Наивная уверенность, что порочного человека легко узнать, таит в себе величайшую опасность: она мешает нам определить порок еще до того, как личность начнет свою разрушительную работу. Я считаю, что в большинстве своем люди редко обладают столь сильными разрушительными наклонностями, какие были у Гитлера. Но, даже если такие люди составляют всего десять процентов, этого вполне достаточно, чтобы, приобретая власть и влияние, они представляли реальную угрозу для общества. Конечно, не всякий разрушитель способен стать Гитлером, если у него нет соответствующих талантов. Но он может стать эффективным эсэсовцем. С другой стороны, Гитлер не был гением, и способности его не были сверхъестественными. По-настоящему уникальной была социально-политическая ситуация, в которой он мог подняться до таких высот. Не исключено, что среди нас живут сотни потенциальных фюреров, которые смогут прийти к власти, если пробьет их исторический час.

Рассматривать такую фигуру, как Гитлер, объективно, без гнева и пристрастия, заставляет нас не только научная честность, но и желание усвоить исторический урок, который может оказаться полезным и сегодня, и завтра.
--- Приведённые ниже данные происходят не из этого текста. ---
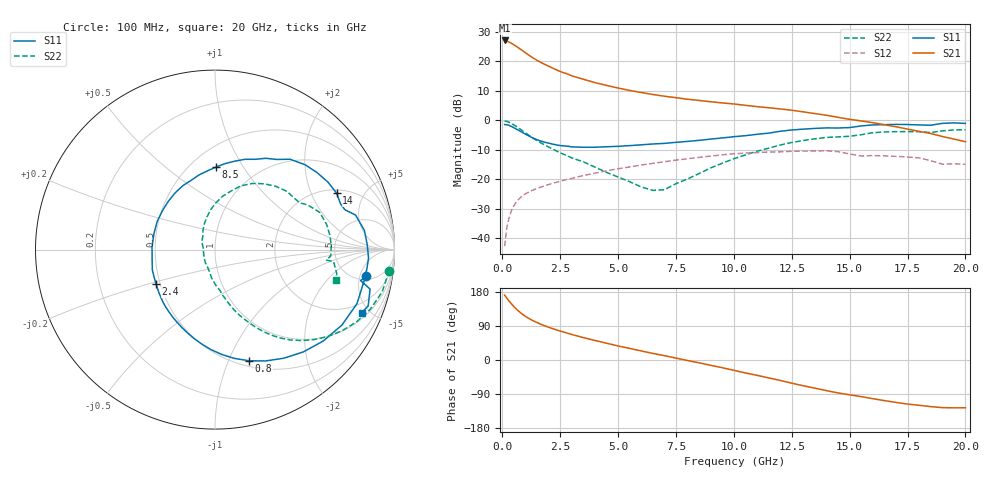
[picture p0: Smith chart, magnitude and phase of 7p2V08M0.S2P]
! Infineon Technologies  Discrete & RF Semiconductors
! bfp620
! VCE =  2.0 V,  IC =  8.0 mA
! Common Emitter S-Parameters:  Sep 2002
# GHz  S  MA  R  50
!  f  S11  S21  S12  S22
! GHz  MAG  ANG  MAG  ANG  MAG  ANG  MAG  ANG
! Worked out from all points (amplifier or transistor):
!   59 points, 100 MHz to 20 GHz, reference 50 ohm
!   highest |S21| = 27.1 dB at 100 MHz (marker M1)
!   |S21| within 3 dB of that: start of sweep to 790 MHz
!   unconditionally stable (mu >= 1): 4.273 GHz to 11.05 GHz; 17.11 GHz to end of sweep
!   at 1 GHz: K = 0.44, MSG = 23.9 dB, |S12| = -24.9 dB
!   at 5.5 GHz: K = 1.05, MAG = 11.6 dB, |S12| = -15.7 dB
!   at 20 GHz: K = 1.33, MAG = 0.4 dB, |S12| = -14.9 dB
!   S11 on the Smith chart (normalised r, x): 100 MHz: 5.67, -6.18; 800 MHz: 0.56, -1.19; 2.4 GHz: 0.47, -0.21; 8.5 GHz: 0.66, +0.77; 14 GHz: 2.18, +3.10; 20 GHz: 1.33, -4.47
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0.1  0.8518 -10.1  22.67 171.3  0.0074 75.7  0.9778 -6.9
0.2  0.8464 -20.9  22.11 162.9  0.0156 76.9  0.9607 -14.2
0.3  0.8225 -30.8  21.24 155.1  0.0231 73.2  0.9278 -20.9
0.4  0.7894 -40.2  20.22 147.9  0.0298 69.2  0.8859 -27.0
0.5  0.7531 -49.2  19.13 141.1  0.0358 65.4  0.8398 -32.6
0.6  0.7166 -57.6  18.05 134.9  0.0411 62.0  0.7923 -37.7
0.8  0.6477 -73.0  15.95 124.0  0.05 56.4  0.6997 -46.4
0.9  0.6157 -79.9  14.97 119.4  0.0537 54.1  0.6562 -50.1
1.1  0.5575 -92.3  13.17 111.3  0.06 50.4  0.5772 -56.1
1.4  0.4885 -108.4  11.01 101.6  0.0679 46.7  0.4811 -62.8
1.6  0.4559 -117.8  9.926 96.1  0.0726 44.9  0.4312 -66.3
1.9  0.4215 -130.6  8.668 88.7  0.0795 42.9  0.372 -70.9
2.4  0.3809 -149.5  7.013 78.3  0.0908 39.9  0.2956 -76.8
3.5  0.3511 177.9  4.984 59.1  0.1164 33.5  0.199 -88.6
5  0.3643 143.6  3.541 37.1  0.1516 23.3  0.1099 -111.0
7  0.4087 108.7  2.573 11.5  0.1997 7.8  0.0669 170.9
8.5  0.46 89.3  2.18 -7.5  0.2367 -5.9  0.126 122.2
10.5  0.5516 65.8  1.805 -34.2  0.2794 -27.9  0.2602 89.0
13.5  0.7329 30.9  1.308 -74.3  0.3035 -60.9  0.4879 46.4
14  0.7471 24.9  1.225 -80.8  0.3059 -67.4  0.5156 39.0
17  0.8568 -3.1  0.782 -112.0  0.2459 -91.9  0.6453 6.8
20  0.8897 -23.3  0.436 -126.1  0.1806 -104.1  0.6964 -14.3
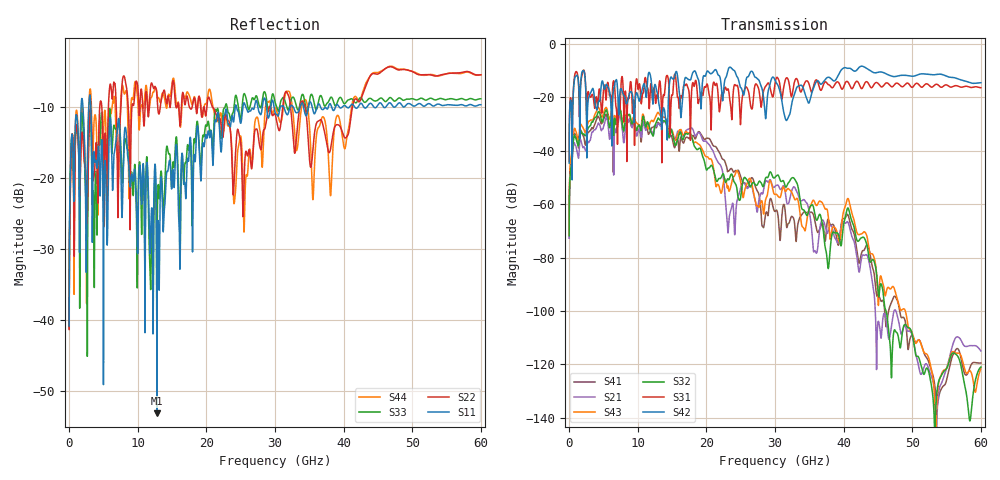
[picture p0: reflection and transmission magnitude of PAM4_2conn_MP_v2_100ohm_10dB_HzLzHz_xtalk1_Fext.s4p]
! Info: Touchstone file created by Circ.  Input file=FAB50GbE_2conn_Midplane_Examax_Topo2_v2_100ohm_10dB_HzLzHz.circ
# Hz S RI R 50
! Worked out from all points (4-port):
!   6000 points, 10 MHz to 60 GHz, reference 50 ohm
!   strongest paths, dB at 10 MHz, 15.01 GHz, 30.01 GHz, 45.01 GHz, 60 GHz:
!     S42: -44.6, -12.9, -13.6, -10.6, -14.5
!     S31: -43.9, -19.0, -14.7, -14.8, -16.4
!     S32: -71.9, -33.1, -50.0, -92.3, -121.0
!     S43: -71.5, -32.7, -56.4, -95.9, -121.5
!     S21: -72.7, -32.4, -53.4, -104.2, -115.0
!     S41: -67.7, -35.2, -62.7, -94.4, -119.5
!   lowest |S11| = -53.1 dB at 12.82 GHz (marker M1), VSWR 1.00, Z = 49.9 + j0.207 ohm
!   |S11| at or under -10 dB: start of sweep to 1.754 GHz; 3.171 GHz to 24.2 GHz (21.03 GHz wide, 154 % of centre); 25.77 GHz to 27.01 GHz (1.238 GHz wide, 4.69 % of centre)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
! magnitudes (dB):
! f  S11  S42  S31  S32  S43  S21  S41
! 10 MHz  -40.8  -44.6  -43.9  -71.9  -71.5  -72.7  -67.7
! 860 MHz  -14.0  -12.6  -11.3  -34.6  -31.7  -37.7  -33.6
! 12.82 GHz  -53.1  -17.9  -19.1  -28.7  -26.1  -30.6  -30.6
! 20.34 GHz  -13.5  -10.4  -18.1  -46.5  -42.8  -37.5  -35.4
! 23.19 GHz  -12.4  -9.5  -16.9  -50.7  -53.9  -70.0  -47.6
! 37.72 GHz  -10.2  -12.5  -15.2  -83.7  -63.5  -70.4  -65.7
! 60 GHz  -9.7  -14.5  -16.4  -121.0  -121.5  -115.0  -119.5
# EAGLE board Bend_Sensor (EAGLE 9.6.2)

No outline drawn. Coordinates in mm, seen from the top.
Copper layers (1*16): Top 0.035mm / dielectric 1.5mm / Bottom 0.035mm
Design rules "default": minimum track width 6mil, minimum drill 0.35mm, track to track 6mil, track to pad 6mil, pad to pad 6mil, via to via 6mil, smd to smd 6mil, copper to edge 40mil, drill to drill 6mil, minimum pad ring 10mil, minimum via ring 8mil, stop-mask expansion 4mil, vias tented up to drill 0mil, thermal gap 10mil

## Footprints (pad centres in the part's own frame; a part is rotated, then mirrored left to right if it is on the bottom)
C369-1 = drill 1.118 long: D 0,-1.397; G -2.286,-1.397; S 2.286,-1.397

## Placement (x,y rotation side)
E$1  [C369-1]  7.62,3.81 0 top

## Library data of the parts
E$1 = transistor-small-signal
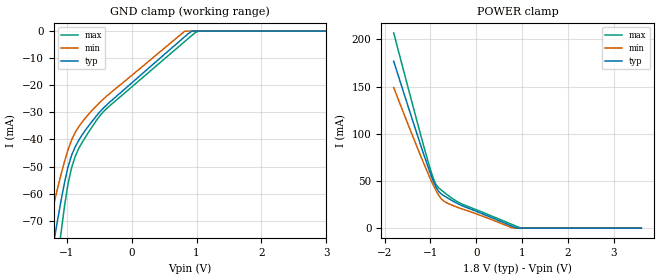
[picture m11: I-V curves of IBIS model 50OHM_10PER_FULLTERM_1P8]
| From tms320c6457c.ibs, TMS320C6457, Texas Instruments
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|   Model Cell 50OHM_10PER_FULLTERM_1P8
|50OHM_10PER_FULLTERM_1P8
[Model]   50OHM_10PER_FULLTERM_1P8
Model_type   Input
Polarity   Non-Inverting
Vinl =  0.8
Vinh =  1
C_comp   1.89p   1.72p   2.18p
[Model Spec]
Vinl   0.8   0.71   0.89
Vinh   1   0.91   1.09
D_overshoot_high 2.34 NA NA
D_overshoot_low -0.54 NA NA
D_overshoot_time 0.56n NA NA
S_overshoot_high 2.2 NA NA
S_overshoot_low -0.4 NA NA
[Receiver Thresholds]
Vth = 0.9V
Vth_min = 0.855V
Vth_max = 0.945V
Vinl_dc = -125mV
Vinh_dc = +125mV
Vinl_ac = -250mV
Vinh_ac = +250mV
Tslew_ac = 5.000ns
Threshold_sensitivity = 0.50
Reference_supply Pullup_ref
[Temperature Range]   25   125   -40
[Voltage Range]   1.8   1.62   1.98
[Pullup reference]   1.8   1.62   1.98
[POWER_clamp]
|   voltage   I(typ)   I(min)   I(max)
-1.8V     177mA      149.1mA    206.9mA
-1.255V   94.38mA    81.75mA    106.6mA
-981.8mV  55.59mA    50.37mA    59.44mA
-927.3mV  48.77mA    44.64mA    51.58mA
-872.7mV  42.93mA    39.34mA    45.82mA
-818.2mV  38.76mA    34.72mA    42.61mA
-709.1mV  34.49mA    28.75mA    38.28mA
-327.3mV  24.2mA     20.72mA    25.99mA
763.6mV   2.439mA    695.1uA    4.262mA
872.7mV   187.6uA    0A         2.048mA
981.8mV   0A         0A         0A
3.6V      0A         0A         0A
[GND_clamp]
|   voltage   I(typ)   I(min)   I(max)
-1.8V     -171.2mA   -131.6mA   -226.7mA
-1.309V   -93.92mA   -75.54mA   -119.5mA
-1.2V     -77.93mA   -63.94mA   -96.64mA
-1.145V   -70.25mA   -58.42mA   -85.54mA
-1.091V   -62.88mA   -53.15mA   -74.81mA
-981.8mV  -50.24mA   -43.86mA   -56.48mA
-927.3mV  -45.91mA   -40.26mA   -50.57mA
-818.2mV  -40.41mA   -35.38mA   -43.42mA
-600mV    -33.02mA   -29.01mA   -34.96mA
818.2mV   -2.072mA   -59.49uA   -3.845mA
1.036V    0A         0A         0A
3.6V      0A         0A         0A
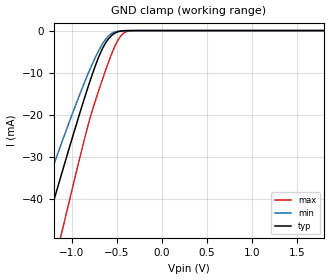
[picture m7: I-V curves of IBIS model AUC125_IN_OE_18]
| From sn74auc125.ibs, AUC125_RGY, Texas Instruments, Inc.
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[Model]   AUC125_IN_OE_18
Model_type  Input
Vinl=0.5775
Vinh=1.2675
| variable   typ   min   max
C_comp   2.58pF   2.10pF   3.00pF
[Temperature Range]   40   100   -40
| Ambient temperature   25   85   -40
[Voltage range]   1.8   1.65   1.95
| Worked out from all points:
|   GND clamp passes 1 mA (typ) near -0.55 V on its own axis
[GND Clamp]
| AUC125_IN_OE_18
|   Voltage   I(typ)   I(min)   I(max)
-3.6V     -222.6mA   -186.3mA   -267.8mA
-1.475V   -61.22mA   -48.92mA   -80.81mA
-1.43V    -57.84mA   -46.13mA   -76.8mA
-1.295V   -47.75mA   -37.84mA   -64.74mA
-1.1V     -33.37mA   -26.15mA   -47.31mA
-830mV    -14.32mA   -10.98mA   -23.64mA
-680mV    -5.364mA   -4.044mA   -13.09mA
-560mV    -1.272mA   -758.2uA   -5.827mA
-485mV    -290.6uA   -141.4uA   -2.305mA
-420mV    -55.81uA   -26.93uA   -608.5uA
-300mV    -1.501uA   -993.1nA   -11.88uA
1.8V      213.9pA    308.1pA    246.3pA
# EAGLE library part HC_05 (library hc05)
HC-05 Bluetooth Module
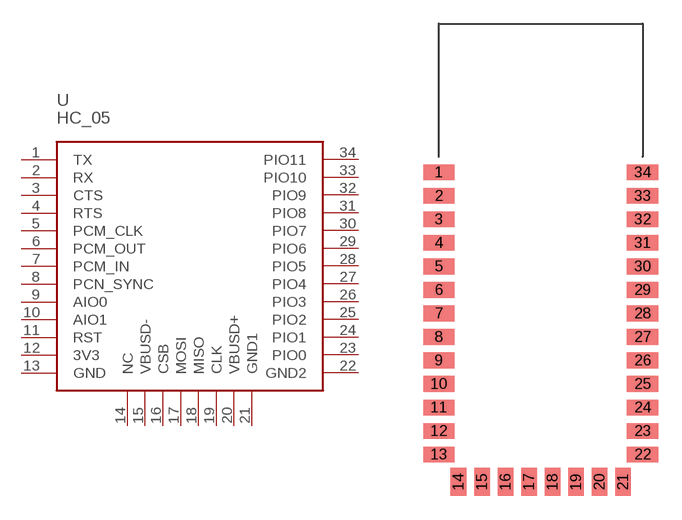
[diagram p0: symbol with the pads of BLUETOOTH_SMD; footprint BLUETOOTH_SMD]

Designator prefix U

## HC_05  [BLUETOOTH_SMD]
1  TX
2  RX
3  CTS
4  RTS
5  PCM_CLK
6  PCM_OUT
7  PCM_IN
8  PCN_SYNC
9  AIO0
10  AIO1
11  RST
12  3V3
13  GND
14  NC
15  VBUSD-
16  CSB
17  MOSI
18  MISO
19  CLK
20  VBUSD+
21  GND1
22  GND2
23  PIO0
24  PIO1
25  PIO2
26  PIO3
27  PIO4
28  PIO5
29  PIO6
30  PIO7
31  PIO8
32  PIO9
33  PIO10
34  PIO11

## Footprint BLUETOOTH_SMD (pad centres in mm)
HC-05
smd 2 x 1: 1 -6.35,3.81; 2 -6.35,2.31; 3 -6.35,0.81; 4 -6.35,-0.69; 5 -6.35,-2.19; 6 -6.35,-3.69; 7 -6.35,-5.19; 8 -6.35,-6.69; 9 -6.35,-8.19; 10 -6.35,-9.69; 11 -6.35,-11.19; 12 -6.35,-12.69; 13 -6.35,-14.19; 22 6.65,-14.19; 23 6.65,-12.69; 24 6.65,-11.19; 25 6.65,-9.69; 26 6.65,-8.19; 27 6.65,-6.69; 28 6.65,-5.19; 29 6.65,-3.69; 30 6.65,-2.19; 31 6.65,-0.69; 32 6.65,0.81; 33 6.65,2.31; 34 6.65,3.81
smd 1 x 1.8: 14 -5.1,-15.94; 15 -3.6,-15.94; 16 -2.1,-15.94; 17 -0.6,-15.94; 18 0.9,-15.94; 19 2.4,-15.94; 20 3.9,-15.94; 21 5.4,-15.94

Всякая попытка внести в портрет Гитлера искажения, лишив его человечности, чревата в дальнейшем неспособностью распознать других порочных людей, прокладывающих свой путь к власти.

Послесловие

«Анатомия деструктивности» Э. Фромма

Наша техническая цивилизация создала такие средства насилия, что трудно представить себе политическую цель, ради осуществления которой иные из них вообще могут быть применены. Однако равновесие страха едва удерживает от коллективного самоубийства; в конфликтах и войнах «местного» значения гибнут сотни тысяч людей. Журналисты ежедневно обрушивают на нас поток информации о самых разнообразных формах насилия, царящего на улицах городов, в том числе и в самых благополучных странах. Причем деструктивность проявляется не только в отношении людей друг к другу: и природная среда, и памятники культуры, и простейшие предметы подвергаются бессмысленному разрушению. Консерваторы требуют усиления полицейской машины репрессий, революционеры прославляют насилие как «повивальную бабку истории», но в обоих случаях провозглашаемые идеалы служат идеологическим оправданием смерти одних людей от рук других. В семье, в школе, в армии, на производстве индивид сталкивается с направленным на него потоком агрессивности и отвечает тем же по отношению к более слабому. И наказания, и безнаказанность, кажется, способствуют человеческой жестокости и деструктивности. Никакой общественный договор не меняет человеческой природы и вслед за Гоббсом мы повторяем сегодня: «договоры без меча — только слова».

Самые совершенные религиозные и моральные учения не изменили природы человека. Многим индивидам насилие над другими доставляет наслаждение; мы именуем их садистами, «ненормальными», но достаточно посмотреть вокруг, и обнаруживается, что такого рода склонности имеются в чуть менее выраженной форме у слишком многих; более того, если мы достаточно самокритичны, то находим агрессивные желания и фантазии и у самих себя. Наконец, социологи и психологи говорят нам, что в обществах с низким уровнем насильственных смертей возрастает число самоубийств, словно перед нами та же сила, только направленная не на другого, а на самого себя, но несущая тот же смертельный исход. Не только дешевые поделки современного кино, великие произведения прошлого говорят нам о разрушительных страстях человеческих.